Exercise goal: What lines of the data below hold "with"? Show them.

[Collection entries]
----------

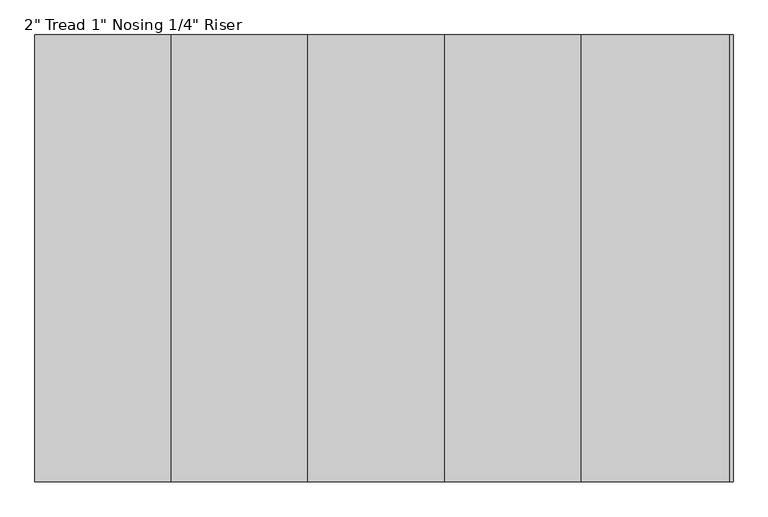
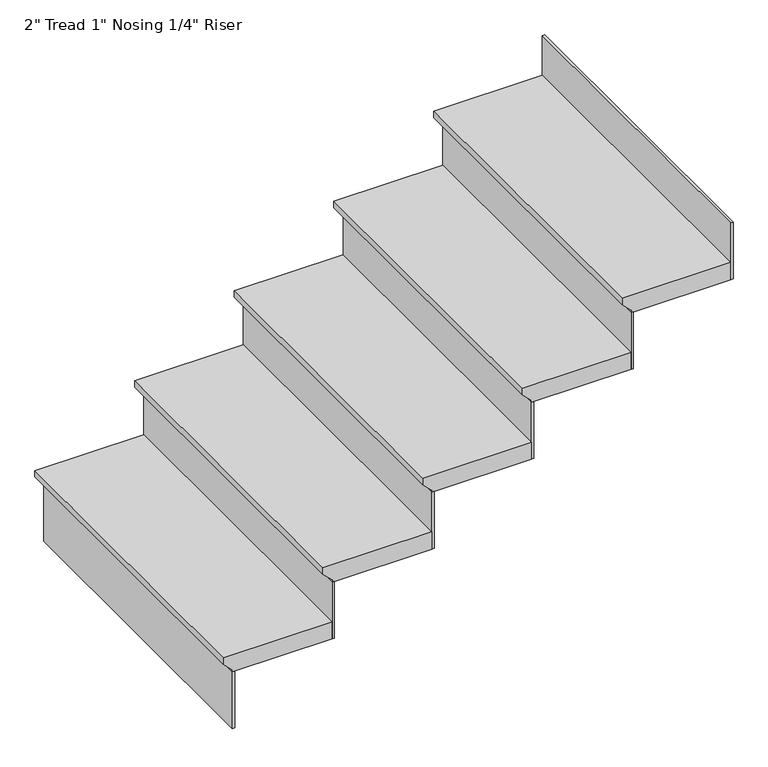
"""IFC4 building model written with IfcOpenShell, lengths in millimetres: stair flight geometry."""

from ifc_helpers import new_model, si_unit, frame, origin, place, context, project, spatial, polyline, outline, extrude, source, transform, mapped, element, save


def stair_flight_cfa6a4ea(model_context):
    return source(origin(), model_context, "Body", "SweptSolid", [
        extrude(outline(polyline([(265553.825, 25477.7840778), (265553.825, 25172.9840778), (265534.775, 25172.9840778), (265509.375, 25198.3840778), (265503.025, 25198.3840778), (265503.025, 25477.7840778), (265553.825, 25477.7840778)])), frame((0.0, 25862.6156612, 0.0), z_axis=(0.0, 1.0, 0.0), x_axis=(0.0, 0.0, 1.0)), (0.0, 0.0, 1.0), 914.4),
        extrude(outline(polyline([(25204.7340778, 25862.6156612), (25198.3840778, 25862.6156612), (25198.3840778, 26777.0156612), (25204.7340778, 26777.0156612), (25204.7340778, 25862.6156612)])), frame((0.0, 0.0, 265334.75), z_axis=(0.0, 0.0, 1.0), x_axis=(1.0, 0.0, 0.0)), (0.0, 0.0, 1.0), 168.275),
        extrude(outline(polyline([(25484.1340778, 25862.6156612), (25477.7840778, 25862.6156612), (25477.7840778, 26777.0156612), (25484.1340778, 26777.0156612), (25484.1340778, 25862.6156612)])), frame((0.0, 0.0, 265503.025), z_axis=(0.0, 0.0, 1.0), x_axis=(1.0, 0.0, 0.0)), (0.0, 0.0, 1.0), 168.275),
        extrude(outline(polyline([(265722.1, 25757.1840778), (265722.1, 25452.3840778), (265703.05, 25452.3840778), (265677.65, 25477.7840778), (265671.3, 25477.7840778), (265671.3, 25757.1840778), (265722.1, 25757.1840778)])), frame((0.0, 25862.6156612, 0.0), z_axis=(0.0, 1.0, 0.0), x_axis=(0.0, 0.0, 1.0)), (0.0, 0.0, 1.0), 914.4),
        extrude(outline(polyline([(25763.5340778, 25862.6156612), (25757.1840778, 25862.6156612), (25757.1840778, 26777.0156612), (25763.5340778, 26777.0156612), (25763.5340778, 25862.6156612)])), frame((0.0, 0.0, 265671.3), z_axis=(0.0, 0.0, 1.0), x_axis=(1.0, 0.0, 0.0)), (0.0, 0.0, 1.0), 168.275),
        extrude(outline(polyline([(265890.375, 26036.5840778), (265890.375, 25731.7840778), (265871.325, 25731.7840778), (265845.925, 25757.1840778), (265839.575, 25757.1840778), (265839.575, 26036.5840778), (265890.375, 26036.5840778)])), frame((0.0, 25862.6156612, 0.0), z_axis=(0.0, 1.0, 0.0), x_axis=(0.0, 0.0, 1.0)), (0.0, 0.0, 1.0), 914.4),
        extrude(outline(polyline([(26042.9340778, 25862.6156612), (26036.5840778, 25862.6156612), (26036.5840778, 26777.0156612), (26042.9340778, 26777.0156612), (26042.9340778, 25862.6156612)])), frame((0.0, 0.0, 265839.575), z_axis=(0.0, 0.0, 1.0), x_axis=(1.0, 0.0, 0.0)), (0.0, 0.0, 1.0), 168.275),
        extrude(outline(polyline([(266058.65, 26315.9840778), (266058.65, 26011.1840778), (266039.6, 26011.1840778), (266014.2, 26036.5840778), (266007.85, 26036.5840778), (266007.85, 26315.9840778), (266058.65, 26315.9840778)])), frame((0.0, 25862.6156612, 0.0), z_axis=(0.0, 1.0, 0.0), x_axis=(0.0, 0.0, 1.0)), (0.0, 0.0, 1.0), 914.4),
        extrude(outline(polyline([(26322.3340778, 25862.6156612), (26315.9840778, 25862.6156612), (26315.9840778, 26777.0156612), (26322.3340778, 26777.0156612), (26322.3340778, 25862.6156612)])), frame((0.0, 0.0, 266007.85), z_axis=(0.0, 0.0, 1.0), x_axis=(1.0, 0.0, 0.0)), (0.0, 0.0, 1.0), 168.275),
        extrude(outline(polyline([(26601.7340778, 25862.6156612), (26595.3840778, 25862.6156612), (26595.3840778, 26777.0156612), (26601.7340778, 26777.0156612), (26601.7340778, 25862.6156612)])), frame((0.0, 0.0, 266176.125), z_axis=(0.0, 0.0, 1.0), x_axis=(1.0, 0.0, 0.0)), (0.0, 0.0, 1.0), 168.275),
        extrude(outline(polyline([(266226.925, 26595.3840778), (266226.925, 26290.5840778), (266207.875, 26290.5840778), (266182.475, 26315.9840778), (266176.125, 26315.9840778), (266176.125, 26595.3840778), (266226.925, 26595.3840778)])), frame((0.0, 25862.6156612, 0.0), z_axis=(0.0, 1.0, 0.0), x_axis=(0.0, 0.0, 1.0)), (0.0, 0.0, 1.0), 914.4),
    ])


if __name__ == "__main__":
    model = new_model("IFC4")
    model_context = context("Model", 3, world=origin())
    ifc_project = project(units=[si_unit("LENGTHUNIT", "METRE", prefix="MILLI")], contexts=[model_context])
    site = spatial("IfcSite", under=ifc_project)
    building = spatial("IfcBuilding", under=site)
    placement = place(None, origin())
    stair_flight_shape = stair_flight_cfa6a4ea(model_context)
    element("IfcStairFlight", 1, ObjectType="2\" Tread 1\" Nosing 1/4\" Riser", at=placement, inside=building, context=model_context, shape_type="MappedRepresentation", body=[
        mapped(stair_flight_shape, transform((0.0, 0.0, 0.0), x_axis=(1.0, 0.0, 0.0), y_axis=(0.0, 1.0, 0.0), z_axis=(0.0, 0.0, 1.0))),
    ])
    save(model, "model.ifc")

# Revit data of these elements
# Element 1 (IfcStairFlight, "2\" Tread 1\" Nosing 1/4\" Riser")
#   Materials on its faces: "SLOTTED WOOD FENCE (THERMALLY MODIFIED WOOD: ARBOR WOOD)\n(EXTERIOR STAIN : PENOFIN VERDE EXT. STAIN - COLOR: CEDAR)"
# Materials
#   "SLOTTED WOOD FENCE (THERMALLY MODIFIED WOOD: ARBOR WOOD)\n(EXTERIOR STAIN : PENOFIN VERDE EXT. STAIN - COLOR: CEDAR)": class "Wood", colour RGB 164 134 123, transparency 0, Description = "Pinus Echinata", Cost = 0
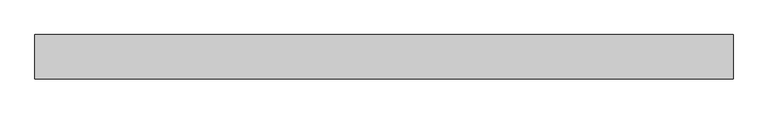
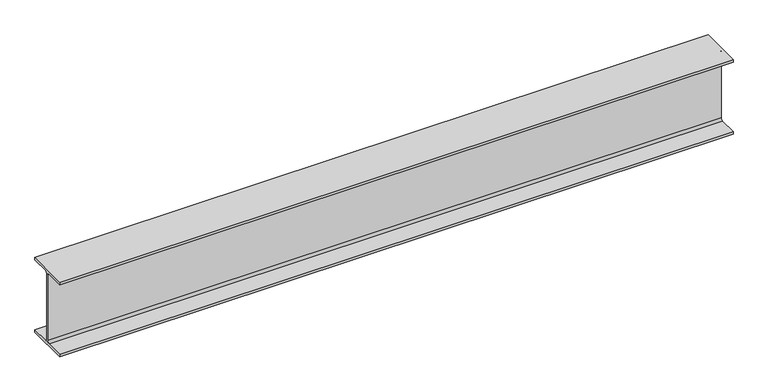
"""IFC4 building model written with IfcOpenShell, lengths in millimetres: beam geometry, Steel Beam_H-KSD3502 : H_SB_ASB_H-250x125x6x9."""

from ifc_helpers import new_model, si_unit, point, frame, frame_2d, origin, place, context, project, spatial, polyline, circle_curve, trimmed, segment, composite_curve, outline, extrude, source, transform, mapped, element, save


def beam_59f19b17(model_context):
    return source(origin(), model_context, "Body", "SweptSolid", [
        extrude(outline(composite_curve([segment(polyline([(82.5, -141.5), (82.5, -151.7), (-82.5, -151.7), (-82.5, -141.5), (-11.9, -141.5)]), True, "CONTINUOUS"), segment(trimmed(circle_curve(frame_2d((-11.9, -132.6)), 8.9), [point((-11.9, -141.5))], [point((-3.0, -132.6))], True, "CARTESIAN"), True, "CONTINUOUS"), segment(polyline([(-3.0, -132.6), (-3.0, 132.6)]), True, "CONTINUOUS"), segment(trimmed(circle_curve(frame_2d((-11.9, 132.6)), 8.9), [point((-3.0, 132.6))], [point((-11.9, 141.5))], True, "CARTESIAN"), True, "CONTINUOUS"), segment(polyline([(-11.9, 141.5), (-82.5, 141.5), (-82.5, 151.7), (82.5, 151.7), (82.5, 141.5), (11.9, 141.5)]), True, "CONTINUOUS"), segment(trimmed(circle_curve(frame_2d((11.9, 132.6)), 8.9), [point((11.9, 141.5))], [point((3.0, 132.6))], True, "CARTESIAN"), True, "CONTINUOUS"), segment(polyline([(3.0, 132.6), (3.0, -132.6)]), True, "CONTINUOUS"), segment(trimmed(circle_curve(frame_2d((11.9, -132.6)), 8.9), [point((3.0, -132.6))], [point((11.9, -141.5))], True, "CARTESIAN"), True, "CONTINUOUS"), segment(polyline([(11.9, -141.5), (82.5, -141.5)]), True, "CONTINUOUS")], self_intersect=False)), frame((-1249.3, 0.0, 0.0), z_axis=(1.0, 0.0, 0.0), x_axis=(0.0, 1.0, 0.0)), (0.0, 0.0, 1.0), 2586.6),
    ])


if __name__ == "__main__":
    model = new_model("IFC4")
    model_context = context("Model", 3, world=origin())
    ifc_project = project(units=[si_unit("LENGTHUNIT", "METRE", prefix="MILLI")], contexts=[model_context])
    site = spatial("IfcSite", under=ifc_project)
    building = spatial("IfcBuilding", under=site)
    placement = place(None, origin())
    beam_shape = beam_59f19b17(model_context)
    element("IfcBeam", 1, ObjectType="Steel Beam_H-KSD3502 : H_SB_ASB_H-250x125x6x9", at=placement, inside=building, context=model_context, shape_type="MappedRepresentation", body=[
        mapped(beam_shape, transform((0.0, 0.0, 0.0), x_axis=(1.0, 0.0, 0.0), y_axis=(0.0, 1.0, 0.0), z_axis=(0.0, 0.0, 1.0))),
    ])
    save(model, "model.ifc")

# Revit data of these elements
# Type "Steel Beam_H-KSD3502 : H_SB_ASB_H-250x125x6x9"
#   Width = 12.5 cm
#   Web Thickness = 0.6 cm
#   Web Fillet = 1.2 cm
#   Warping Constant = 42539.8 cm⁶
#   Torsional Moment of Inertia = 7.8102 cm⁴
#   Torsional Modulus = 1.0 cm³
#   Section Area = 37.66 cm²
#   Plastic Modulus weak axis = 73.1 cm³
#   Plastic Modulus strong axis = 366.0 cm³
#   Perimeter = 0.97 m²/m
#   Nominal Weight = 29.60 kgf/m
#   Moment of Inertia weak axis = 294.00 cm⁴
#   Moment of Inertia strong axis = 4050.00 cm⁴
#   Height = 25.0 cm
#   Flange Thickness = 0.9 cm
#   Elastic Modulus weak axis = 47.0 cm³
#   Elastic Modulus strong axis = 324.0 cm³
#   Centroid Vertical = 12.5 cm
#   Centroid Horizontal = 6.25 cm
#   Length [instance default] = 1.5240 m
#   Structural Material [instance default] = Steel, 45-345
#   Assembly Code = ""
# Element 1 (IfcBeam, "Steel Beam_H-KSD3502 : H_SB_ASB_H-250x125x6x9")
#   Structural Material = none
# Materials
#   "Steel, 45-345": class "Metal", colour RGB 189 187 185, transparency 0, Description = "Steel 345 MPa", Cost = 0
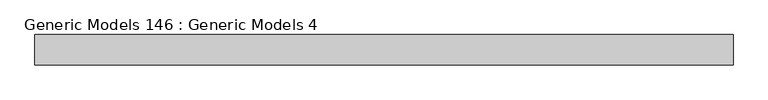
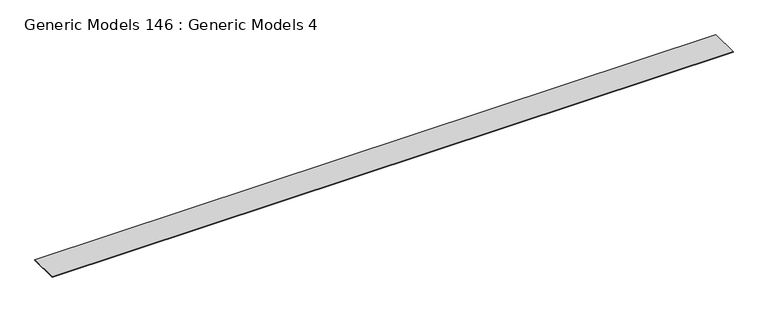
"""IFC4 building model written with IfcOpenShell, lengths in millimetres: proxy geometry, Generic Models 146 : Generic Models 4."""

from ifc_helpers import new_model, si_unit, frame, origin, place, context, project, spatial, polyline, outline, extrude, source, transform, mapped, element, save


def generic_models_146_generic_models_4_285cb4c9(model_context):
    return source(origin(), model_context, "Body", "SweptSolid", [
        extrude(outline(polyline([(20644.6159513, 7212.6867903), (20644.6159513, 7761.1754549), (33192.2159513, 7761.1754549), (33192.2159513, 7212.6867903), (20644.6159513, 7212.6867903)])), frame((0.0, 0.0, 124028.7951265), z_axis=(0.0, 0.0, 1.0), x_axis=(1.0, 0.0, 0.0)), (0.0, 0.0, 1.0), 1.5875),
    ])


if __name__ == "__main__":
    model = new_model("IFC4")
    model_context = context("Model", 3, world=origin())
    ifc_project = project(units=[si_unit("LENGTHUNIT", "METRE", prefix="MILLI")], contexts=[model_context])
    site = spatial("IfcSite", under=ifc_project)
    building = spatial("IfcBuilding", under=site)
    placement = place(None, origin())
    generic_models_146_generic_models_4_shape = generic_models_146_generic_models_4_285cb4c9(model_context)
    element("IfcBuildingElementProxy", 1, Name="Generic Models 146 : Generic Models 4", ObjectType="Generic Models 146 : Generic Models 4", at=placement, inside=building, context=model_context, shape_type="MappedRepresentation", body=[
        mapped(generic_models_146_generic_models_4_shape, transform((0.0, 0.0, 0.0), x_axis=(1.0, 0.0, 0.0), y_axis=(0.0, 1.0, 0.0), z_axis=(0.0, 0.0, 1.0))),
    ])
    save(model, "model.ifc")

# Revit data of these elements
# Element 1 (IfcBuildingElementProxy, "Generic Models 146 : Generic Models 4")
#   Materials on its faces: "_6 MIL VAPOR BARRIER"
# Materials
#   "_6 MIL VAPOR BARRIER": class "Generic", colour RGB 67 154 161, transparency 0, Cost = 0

----------

Answer below:
"""IFC4 building model written with IfcOpenShell, lengths in millimetres: stair flight geometry."""
"""IFC4 building model written with IfcOpenShell, lengths in millimetres: beam geometry, Steel Beam_H-KSD3502 : H_SB_ASB_H-250x125x6x9."""
"""IFC4 building model written with IfcOpenShell, lengths in millimetres: proxy geometry, Generic Models 146 : Generic Models 4."""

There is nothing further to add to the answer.